Pitch 7 35m (13) Another excellent pitch (they just keep on coming!). Climb the initially vegetated, but nice corner up to the big roof, then traverse left to the arete. Straight up this (big exposure!), using the face on either side when it blanks out (take care of the hollow flakes on the right of the arete). A #5 Camalot is highly recommended for this section. Continue up to small tree and mid size cam belay. Walk 25m right to the obvious chossy chimney and a poor belay off a small tree.

Pitch 8 30m (8) Up the chossy and unpleasant chimney for 8m or so (some pro in crack in left wall), then traverse out right on the easy ledge to big exposure. Up the short wall to the next ledge, then crawl back left to the belay cave (yuck!). Ridiculous rope drag is inevitable on this pitch. Apparently some people head straight up the chimney, but it looks bloody desperate! Very poor belay off a single small thread in choss at the back of the cave. The second should exercise extreme care on this pitch, since a fall could blow the belay. (There is good gear 1m higher on the left wall of the crack to beef up the belay, double ropes will reduce rope drag and make it easy to incorporate this into the belay).

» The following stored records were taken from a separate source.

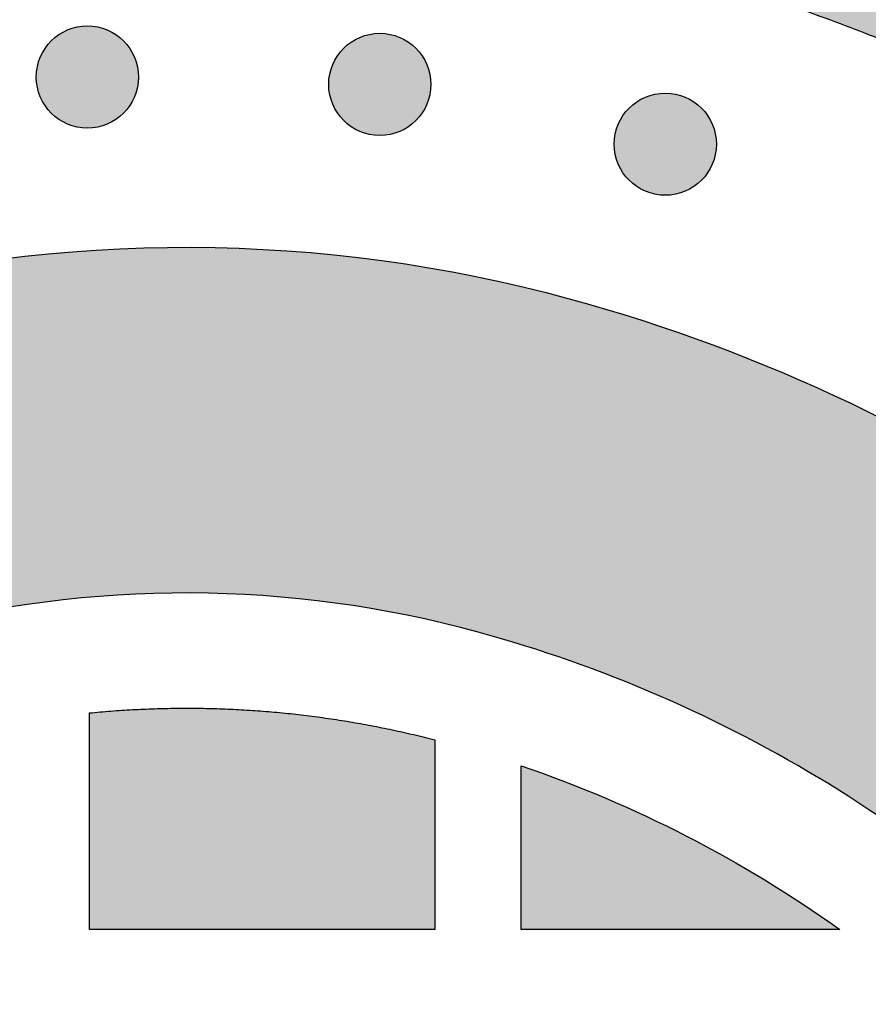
# Model space of a CAD drawing. Header units: millimetres. Extents: x -3873 to -97, y 912 to 4165.
# Tile 224 of 656: x -2910 to -2880, y 1201 to 1235. Entities that reach past the tile are written whole.
import ezdxf

# ---------------------------------------------------------------- set-up
doc = ezdxf.new("R2010")
doc.units = ezdxf.units.MM
doc.layers.add('pattern', color=7, linetype='Continuous', true_color=0x000000)

msp = doc.modelspace()

# ---------------------------------------------------------------- hatches: boundary and pattern name
at = {"layer": 'pattern'}
for points in [[(-2969.307, 1195.651), (-2968.261, 1197.577), (-2967.166, 1199.482), (-2966.024, 1201.363), (-2964.835, 1203.219), (-2963.601, 1205.048), (-2962.322, 1206.849), (-2960.999, 1208.619), (-2959.634, 1210.357), (-2958.227, 1212.062), (-2956.78, 1213.732), (-2955.294, 1215.366), (-2953.771, 1216.962), (-2952.212, 1218.52), (-2950.618, 1220.037), (-2948.99, 1221.514), (-2947.332, 1222.948), (-2945.832, 1224.179), (-2944.296, 1225.371), (-2942.723, 1226.524), (-2941.116, 1227.634), (-2939.477, 1228.702), (-2937.807, 1229.725), (-2936.108, 1230.702), (-2934.381, 1231.633), (-2932.63, 1232.515), (-2930.856, 1233.348), (-2929.061, 1234.131), (-2927.247, 1234.863), (-2925.416, 1235.544), (-2923.57, 1236.173), (-2921.713, 1236.75), (-2919.845, 1237.274), (-2917.869, 1237.765), (-2915.871, 1238.193), (-2913.853, 1238.556), (-2911.819, 1238.854), (-2909.771, 1239.085), (-2907.714, 1239.248), (-2905.65, 1239.343), (-2903.583, 1239.37), (-2901.517, 1239.329), (-2899.454, 1239.219), (-2897.398, 1239.041), (-2895.352, 1238.796), (-2893.32, 1238.484), (-2891.305, 1238.107), (-2889.31, 1237.665), (-2887.337, 1237.16), (-2885.991, 1236.778), (-2884.649, 1236.368), (-2883.311, 1235.93), (-2881.979, 1235.464), (-2880.653, 1234.971), (-2879.334, 1234.45), (-2878.023, 1233.902), (-2876.722, 1233.327), (-2875.429, 1232.725), (-2874.148, 1232.096), (-2872.878, 1231.44), (-2871.62, 1230.758), (-2870.375, 1230.051), (-2869.144, 1229.318), (-2867.927, 1228.56), (-2866.726, 1227.778), (-2865.54, 1226.971), (-2864.372, 1226.141), (-2863.221, 1225.287), (-2862.088, 1224.411), (-2860.974, 1223.514), (-2859.879, 1222.594), (-2858.805, 1221.655), (-2857.751, 1220.695), (-2856.718, 1219.715), (-2855.707, 1218.717), (-2854.718, 1217.702), (-2853.751, 1216.668), (-2852.808, 1215.619), (-2851.888, 1214.553), (-2850.992, 1213.473), (-2850.12, 1212.378), (-2850.208, 1213.812), (-2850.332, 1215.247), (-2850.491, 1216.681), (-2850.685, 1218.112), (-2850.915, 1219.54), (-2851.18, 1220.963), (-2851.48, 1222.38), (-2851.816, 1223.79), (-2852.186, 1225.191), (-2852.59, 1226.582), (-2853.028, 1227.962), (-2853.5, 1229.329), (-2854.004, 1230.683), (-2854.541, 1232.022), (-2855.109, 1233.344), (-2855.709, 1234.65), (-2857.302, 1235.837), (-2858.927, 1236.988), (-2860.582, 1238.101), (-2862.266, 1239.176), (-2863.977, 1240.211), (-2865.714, 1241.205), (-2867.476, 1242.158), (-2869.26, 1243.068), (-2871.066, 1243.934), (-2872.892, 1244.757), (-2874.736, 1245.535), (-2876.597, 1246.267), (-2878.473, 1246.954), (-2880.362, 1247.595), (-2882.262, 1248.188), (-2884.172, 1248.735), (-2886.524, 1249.337), (-2888.902, 1249.864), (-2891.305, 1250.314), (-2893.728, 1250.686), (-2896.167, 1250.978), (-2898.618, 1251.19), (-2901.078, 1251.321), (-2903.541, 1251.37), (-2906.006, 1251.338), (-2908.466, 1251.224), (-2910.919, 1251.03), (-2913.36, 1250.754), (-2915.785, 1250.4), (-2918.191, 1249.967), (-2920.573, 1249.456), (-2922.929, 1248.871), (-2925.113, 1248.258), (-2927.285, 1247.584), (-2929.443, 1246.848), (-2931.584, 1246.052), (-2933.706, 1245.195), (-2935.805, 1244.28), (-2937.88, 1243.306), (-2939.928, 1242.274), (-2941.946, 1241.186), (-2943.933, 1240.043), (-2945.886, 1238.847), (-2947.803, 1237.598), (-2949.682, 1236.3), (-2951.521, 1234.952), (-2953.318, 1233.557), (-2955.072, 1232.118), (-2956.503, 1230.888), (-2957.912, 1229.631), (-2959.301, 1228.347), (-2960.666, 1227.036), (-2962.008, 1225.701), (-2963.327, 1224.34), (-2964.621, 1222.955), (-2965.889, 1221.546), (-2967.132, 1220.115), (-2968.348, 1218.661), (-2969.537, 1217.186), (-2970.698, 1215.69), (-2971.831, 1214.174), (-2972.935, 1212.639), (-2974.011, 1211.086), (-2975.056, 1209.515)], [(-2908.496, 1232.028), (-2908.468, 1232.001), (-2908.439, 1231.974), (-2908.409, 1231.947), (-2908.378, 1231.921), (-2908.347, 1231.895), (-2908.314, 1231.87), (-2908.281, 1231.845), (-2908.247, 1231.821), (-2908.212, 1231.798), (-2908.176, 1231.775), (-2908.14, 1231.753), (-2908.102, 1231.732), (-2908.064, 1231.711), (-2908.026, 1231.692), (-2907.986, 1231.673), (-2907.946, 1231.655), (-2907.905, 1231.638), (-2907.864, 1231.622), (-2907.822, 1231.607), (-2907.779, 1231.592), (-2907.736, 1231.579), (-2907.693, 1231.567), (-2907.649, 1231.556), (-2907.605, 1231.547), (-2907.56, 1231.538), (-2907.515, 1231.53), (-2907.47, 1231.524), (-2907.425, 1231.518), (-2907.379, 1231.514), (-2907.333, 1231.511), (-2907.287, 1231.509), (-2907.241, 1231.509), (-2907.195, 1231.509), (-2907.149, 1231.511), (-2907.104, 1231.514), (-2907.058, 1231.518), (-2907.013, 1231.524), (-2906.967, 1231.53), (-2906.922, 1231.538), (-2906.878, 1231.547), (-2906.833, 1231.556), (-2906.789, 1231.567), (-2906.746, 1231.579), (-2906.703, 1231.593), (-2906.661, 1231.607), (-2906.619, 1231.622), (-2906.577, 1231.638), (-2906.537, 1231.655), (-2906.496, 1231.673), (-2906.457, 1231.692), (-2906.418, 1231.711), (-2906.38, 1231.732), (-2906.343, 1231.753), (-2906.307, 1231.775), (-2906.271, 1231.798), (-2906.236, 1231.821), (-2906.202, 1231.845), (-2906.169, 1231.87), (-2906.136, 1231.895), (-2906.104, 1231.921), (-2906.074, 1231.947), (-2906.044, 1231.974), (-2906.015, 1232.001), (-2905.987, 1232.029), (-2905.959, 1232.057), (-2905.932, 1232.086), (-2905.905, 1232.116), (-2905.879, 1232.147), (-2905.853, 1232.178), (-2905.828, 1232.211), (-2905.803, 1232.244), (-2905.779, 1232.278), (-2905.756, 1232.313), (-2905.733, 1232.349), (-2905.711, 1232.385), (-2905.69, 1232.422), (-2905.669, 1232.46), (-2905.65, 1232.499), (-2905.631, 1232.539), (-2905.613, 1232.579), (-2905.596, 1232.619), (-2905.58, 1232.661), (-2905.565, 1232.703), (-2905.551, 1232.745), (-2905.538, 1232.788), (-2905.526, 1232.832), (-2905.515, 1232.875), (-2905.505, 1232.92), (-2905.496, 1232.964), (-2905.488, 1233.009), (-2905.482, 1233.055), (-2905.477, 1233.1), (-2905.472, 1233.146), (-2905.469, 1233.192), (-2905.468, 1233.237), (-2905.467, 1233.283), (-2905.468, 1233.329), (-2905.469, 1233.375), (-2905.472, 1233.421), (-2905.477, 1233.467), (-2905.482, 1233.512), (-2905.488, 1233.557), (-2905.496, 1233.602), (-2905.505, 1233.647), (-2905.515, 1233.691), (-2905.526, 1233.735), (-2905.538, 1233.779), (-2905.551, 1233.822), (-2905.565, 1233.864), (-2905.58, 1233.906), (-2905.596, 1233.947), (-2905.613, 1233.988), (-2905.631, 1234.028), (-2905.65, 1234.068), (-2905.67, 1234.106), (-2905.69, 1234.144), (-2905.711, 1234.182), (-2905.733, 1234.218), (-2905.756, 1234.254), (-2905.78, 1234.289), (-2905.804, 1234.323), (-2905.828, 1234.356), (-2905.853, 1234.389), (-2905.879, 1234.42), (-2905.905, 1234.451), (-2905.932, 1234.481), (-2905.959, 1234.51), (-2905.987, 1234.538), (-2906.015, 1234.565), (-2906.044, 1234.593), (-2906.074, 1234.619), (-2906.105, 1234.646), (-2906.136, 1234.671), (-2906.169, 1234.697), (-2906.202, 1234.721), (-2906.236, 1234.745), (-2906.271, 1234.769), (-2906.307, 1234.791), (-2906.343, 1234.813), (-2906.381, 1234.835), (-2906.419, 1234.855), (-2906.457, 1234.875), (-2906.497, 1234.894), (-2906.537, 1234.912), (-2906.578, 1234.929), (-2906.619, 1234.945), (-2906.661, 1234.96), (-2906.703, 1234.974), (-2906.746, 1234.987), (-2906.79, 1234.999), (-2906.834, 1235.01), (-2906.878, 1235.02), (-2906.923, 1235.029), (-2906.968, 1235.036), (-2907.013, 1235.043), (-2907.058, 1235.048), (-2907.104, 1235.052), (-2907.15, 1235.055), (-2907.196, 1235.057), (-2907.242, 1235.058), (-2907.287, 1235.057), (-2907.333, 1235.055), (-2907.379, 1235.052), (-2907.425, 1235.048), (-2907.47, 1235.043), (-2907.515, 1235.036), (-2907.56, 1235.029), (-2907.605, 1235.02), (-2907.649, 1235.01), (-2907.693, 1234.999), (-2907.737, 1234.987), (-2907.78, 1234.974), (-2907.822, 1234.96), (-2907.864, 1234.945), (-2907.906, 1234.929), (-2907.946, 1234.911), (-2907.986, 1234.894), (-2908.026, 1234.875), (-2908.064, 1234.855), (-2908.102, 1234.835), (-2908.14, 1234.813), (-2908.176, 1234.791), (-2908.212, 1234.769), (-2908.247, 1234.745), (-2908.281, 1234.721), (-2908.314, 1234.696), (-2908.347, 1234.671), (-2908.378, 1234.645), (-2908.409, 1234.619), (-2908.439, 1234.592), (-2908.468, 1234.565), (-2908.496, 1234.538), (-2908.524, 1234.51), (-2908.551, 1234.481), (-2908.578, 1234.451), (-2908.604, 1234.42), (-2908.63, 1234.388), (-2908.655, 1234.356), (-2908.679, 1234.323), (-2908.703, 1234.288), (-2908.727, 1234.254), (-2908.75, 1234.218), (-2908.772, 1234.181), (-2908.793, 1234.144), (-2908.813, 1234.106), (-2908.833, 1234.067), (-2908.852, 1234.028), (-2908.87, 1233.988), (-2908.887, 1233.947), (-2908.903, 1233.906), (-2908.918, 1233.864), (-2908.932, 1233.821), (-2908.945, 1233.778), (-2908.957, 1233.735), (-2908.968, 1233.691), (-2908.978, 1233.647), (-2908.987, 1233.602), (-2908.994, 1233.557), (-2909.001, 1233.512), (-2909.006, 1233.466), (-2909.01, 1233.421), (-2909.013, 1233.375), (-2909.015, 1233.329), (-2909.016, 1233.283), (-2909.015, 1233.237), (-2909.013, 1233.191), (-2909.01, 1233.145), (-2909.006, 1233.1), (-2909.001, 1233.054), (-2908.994, 1233.009), (-2908.987, 1232.964), (-2908.978, 1232.919), (-2908.968, 1232.875), (-2908.957, 1232.831), (-2908.945, 1232.788), (-2908.932, 1232.745), (-2908.918, 1232.702), (-2908.903, 1232.66), (-2908.887, 1232.619), (-2908.87, 1232.578), (-2908.852, 1232.538), (-2908.833, 1232.499), (-2908.813, 1232.46), (-2908.793, 1232.422), (-2908.771, 1232.385), (-2908.749, 1232.348), (-2908.727, 1232.313), (-2908.703, 1232.278), (-2908.679, 1232.244), (-2908.655, 1232.21), (-2908.629, 1232.178), (-2908.604, 1232.146), (-2908.577, 1232.116), (-2908.551, 1232.086), (-2908.523, 1232.057)], [(-2898.34, 1231.771), (-2898.312, 1231.743), (-2898.283, 1231.716), (-2898.253, 1231.689), (-2898.222, 1231.663), (-2898.19, 1231.637), (-2898.158, 1231.612), (-2898.125, 1231.588), (-2898.09, 1231.564), (-2898.056, 1231.54), (-2898.02, 1231.517), (-2897.983, 1231.495), (-2897.946, 1231.474), (-2897.908, 1231.454), (-2897.869, 1231.434), (-2897.83, 1231.415), (-2897.79, 1231.397), (-2897.749, 1231.38), (-2897.708, 1231.364), (-2897.666, 1231.349), (-2897.623, 1231.335), (-2897.58, 1231.322), (-2897.537, 1231.31), (-2897.493, 1231.299), (-2897.449, 1231.289), (-2897.404, 1231.28), (-2897.359, 1231.273), (-2897.314, 1231.266), (-2897.268, 1231.261), (-2897.223, 1231.257), (-2897.177, 1231.254), (-2897.131, 1231.252), (-2897.085, 1231.251), (-2897.039, 1231.252), (-2896.993, 1231.254), (-2896.947, 1231.257), (-2896.902, 1231.261), (-2896.856, 1231.266), (-2896.811, 1231.273), (-2896.766, 1231.28), (-2896.722, 1231.289), (-2896.677, 1231.299), (-2896.633, 1231.31), (-2896.59, 1231.322), (-2896.547, 1231.335), (-2896.504, 1231.349), (-2896.462, 1231.364), (-2896.421, 1231.38), (-2896.38, 1231.397), (-2896.34, 1231.415), (-2896.301, 1231.434), (-2896.262, 1231.454), (-2896.224, 1231.474), (-2896.187, 1231.496), (-2896.15, 1231.518), (-2896.115, 1231.54), (-2896.08, 1231.564), (-2896.046, 1231.588), (-2896.012, 1231.612), (-2895.98, 1231.638), (-2895.948, 1231.663), (-2895.918, 1231.69), (-2895.888, 1231.716), (-2895.859, 1231.744), (-2895.831, 1231.771), (-2895.803, 1231.799), (-2895.776, 1231.828), (-2895.749, 1231.858), (-2895.723, 1231.889), (-2895.697, 1231.921), (-2895.672, 1231.953), (-2895.647, 1231.986), (-2895.623, 1232.02), (-2895.6, 1232.055), (-2895.577, 1232.091), (-2895.555, 1232.127), (-2895.534, 1232.165), (-2895.513, 1232.203), (-2895.494, 1232.242), (-2895.475, 1232.281), (-2895.457, 1232.321), (-2895.44, 1232.362), (-2895.424, 1232.403), (-2895.409, 1232.445), (-2895.394, 1232.488), (-2895.381, 1232.531), (-2895.369, 1232.574), (-2895.358, 1232.618), (-2895.349, 1232.662), (-2895.34, 1232.707), (-2895.332, 1232.752), (-2895.326, 1232.797), (-2895.32, 1232.843), (-2895.316, 1232.888), (-2895.313, 1232.934), (-2895.312, 1232.98), (-2895.311, 1233.026), (-2895.312, 1233.072), (-2895.313, 1233.118), (-2895.316, 1233.163), (-2895.32, 1233.209), (-2895.326, 1233.254), (-2895.332, 1233.3), (-2895.34, 1233.345), (-2895.349, 1233.389), (-2895.358, 1233.434), (-2895.369, 1233.478), (-2895.381, 1233.521), (-2895.395, 1233.564), (-2895.409, 1233.606), (-2895.424, 1233.648), (-2895.44, 1233.69), (-2895.457, 1233.73), (-2895.475, 1233.771), (-2895.494, 1233.81), (-2895.513, 1233.849), (-2895.534, 1233.887), (-2895.555, 1233.924), (-2895.577, 1233.96), (-2895.6, 1233.996), (-2895.623, 1234.031), (-2895.647, 1234.065), (-2895.672, 1234.098), (-2895.697, 1234.131), (-2895.723, 1234.163), (-2895.749, 1234.193), (-2895.776, 1234.223), (-2895.803, 1234.252), (-2895.831, 1234.28), (-2895.859, 1234.308), (-2895.888, 1234.335), (-2895.918, 1234.362), (-2895.949, 1234.388), (-2895.98, 1234.414), (-2896.013, 1234.439), (-2896.046, 1234.464), (-2896.08, 1234.488), (-2896.115, 1234.511), (-2896.151, 1234.534), (-2896.187, 1234.556), (-2896.224, 1234.577), (-2896.262, 1234.598), (-2896.301, 1234.617), (-2896.341, 1234.636), (-2896.381, 1234.654), (-2896.421, 1234.671), (-2896.463, 1234.687), (-2896.505, 1234.702), (-2896.547, 1234.716), (-2896.59, 1234.729), (-2896.634, 1234.741), (-2896.677, 1234.752), (-2896.722, 1234.762), (-2896.766, 1234.771), (-2896.811, 1234.779), (-2896.857, 1234.785), (-2896.902, 1234.79), (-2896.948, 1234.795), (-2896.994, 1234.798), (-2897.039, 1234.799), (-2897.085, 1234.8), (-2897.131, 1234.799), (-2897.177, 1234.798), (-2897.223, 1234.795), (-2897.269, 1234.79), (-2897.314, 1234.785), (-2897.359, 1234.779), (-2897.404, 1234.771), (-2897.449, 1234.762), (-2897.493, 1234.752), (-2897.537, 1234.741), (-2897.581, 1234.729), (-2897.624, 1234.716), (-2897.666, 1234.702), (-2897.708, 1234.687), (-2897.749, 1234.671), (-2897.79, 1234.654), (-2897.83, 1234.636), (-2897.87, 1234.617), (-2897.908, 1234.597), (-2897.946, 1234.577), (-2897.984, 1234.556), (-2898.02, 1234.534), (-2898.056, 1234.511), (-2898.091, 1234.487), (-2898.125, 1234.463), (-2898.158, 1234.439), (-2898.191, 1234.414), (-2898.222, 1234.388), (-2898.253, 1234.362), (-2898.283, 1234.335), (-2898.312, 1234.308), (-2898.34, 1234.28), (-2898.367, 1234.252), (-2898.395, 1234.223), (-2898.421, 1234.193), (-2898.448, 1234.162), (-2898.473, 1234.131), (-2898.499, 1234.098), (-2898.523, 1234.065), (-2898.547, 1234.031), (-2898.571, 1233.996), (-2898.593, 1233.96), (-2898.615, 1233.924), (-2898.637, 1233.886), (-2898.657, 1233.848), (-2898.677, 1233.81), (-2898.696, 1233.77), (-2898.714, 1233.73), (-2898.731, 1233.689), (-2898.747, 1233.648), (-2898.762, 1233.606), (-2898.776, 1233.564), (-2898.789, 1233.521), (-2898.801, 1233.477), (-2898.812, 1233.433), (-2898.822, 1233.389), (-2898.831, 1233.344), (-2898.838, 1233.299), (-2898.845, 1233.254), (-2898.85, 1233.209), (-2898.854, 1233.163), (-2898.857, 1233.117), (-2898.859, 1233.071), (-2898.86, 1233.025), (-2898.859, 1232.98), (-2898.857, 1232.934), (-2898.854, 1232.888), (-2898.85, 1232.842), (-2898.845, 1232.797), (-2898.838, 1232.752), (-2898.831, 1232.707), (-2898.822, 1232.662), (-2898.812, 1232.618), (-2898.801, 1232.574), (-2898.789, 1232.53), (-2898.776, 1232.487), (-2898.762, 1232.445), (-2898.747, 1232.403), (-2898.731, 1232.361), (-2898.714, 1232.321), (-2898.696, 1232.281), (-2898.677, 1232.241), (-2898.657, 1232.203), (-2898.637, 1232.165), (-2898.615, 1232.127), (-2898.593, 1232.091), (-2898.571, 1232.055), (-2898.547, 1232.02), (-2898.523, 1231.986), (-2898.498, 1231.953), (-2898.473, 1231.92), (-2898.447, 1231.889), (-2898.421, 1231.858), (-2898.394, 1231.828), (-2898.367, 1231.799)], [(-2888.424, 1229.697), (-2888.396, 1229.67), (-2888.367, 1229.643), (-2888.337, 1229.616), (-2888.307, 1229.59), (-2888.275, 1229.564), (-2888.243, 1229.539), (-2888.209, 1229.514), (-2888.175, 1229.49), (-2888.14, 1229.467), (-2888.105, 1229.444), (-2888.068, 1229.422), (-2888.031, 1229.401), (-2887.993, 1229.38), (-2887.954, 1229.36), (-2887.915, 1229.342), (-2887.875, 1229.324), (-2887.834, 1229.307), (-2887.792, 1229.29), (-2887.751, 1229.275), (-2887.708, 1229.261), (-2887.665, 1229.248), (-2887.622, 1229.236), (-2887.578, 1229.225), (-2887.533, 1229.215), (-2887.489, 1229.207), (-2887.444, 1229.199), (-2887.399, 1229.192), (-2887.353, 1229.187), (-2887.307, 1229.183), (-2887.262, 1229.18), (-2887.216, 1229.178), (-2887.17, 1229.178), (-2887.124, 1229.178), (-2887.078, 1229.18), (-2887.032, 1229.183), (-2886.987, 1229.187), (-2886.941, 1229.193), (-2886.896, 1229.199), (-2886.851, 1229.207), (-2886.806, 1229.215), (-2886.762, 1229.225), (-2886.718, 1229.236), (-2886.675, 1229.248), (-2886.632, 1229.261), (-2886.589, 1229.275), (-2886.547, 1229.291), (-2886.506, 1229.307), (-2886.465, 1229.324), (-2886.425, 1229.342), (-2886.386, 1229.36), (-2886.347, 1229.38), (-2886.309, 1229.401), (-2886.272, 1229.422), (-2886.235, 1229.444), (-2886.199, 1229.467), (-2886.164, 1229.49), (-2886.13, 1229.514), (-2886.097, 1229.539), (-2886.065, 1229.564), (-2886.033, 1229.59), (-2886.002, 1229.616), (-2885.972, 1229.643), (-2885.943, 1229.67), (-2885.915, 1229.697), (-2885.888, 1229.726), (-2885.861, 1229.755), (-2885.834, 1229.785), (-2885.808, 1229.815), (-2885.782, 1229.847), (-2885.757, 1229.879), (-2885.732, 1229.913), (-2885.708, 1229.947), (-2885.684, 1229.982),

Pitch 9 30m (6) Step left onto the easy wall, place a #4.5 or #5 Camalot just above the roof then easily up a dirty groove to the final ledge. Walk 20m right to the end of the ledge and the base of the final pitch. Belay off a good wire at eye level and a good small cam down near the ground.

Pitch 10 30m (9) Step up and right onto a small ledge below a left leading groove. Delicate stemming up the groove leads to a banksia tree and a final small ledge. Good gear in lovely crack on right then step up and over final 8 foot wall to the top. Two small shrubs for the belay.

Hayden Brotchie, John Gray, Paul Davies ‘97

To walk off, walk right for 15m until you stumble across the Mt Hay canyon exit track. 10 minute easy walk back to the carpark.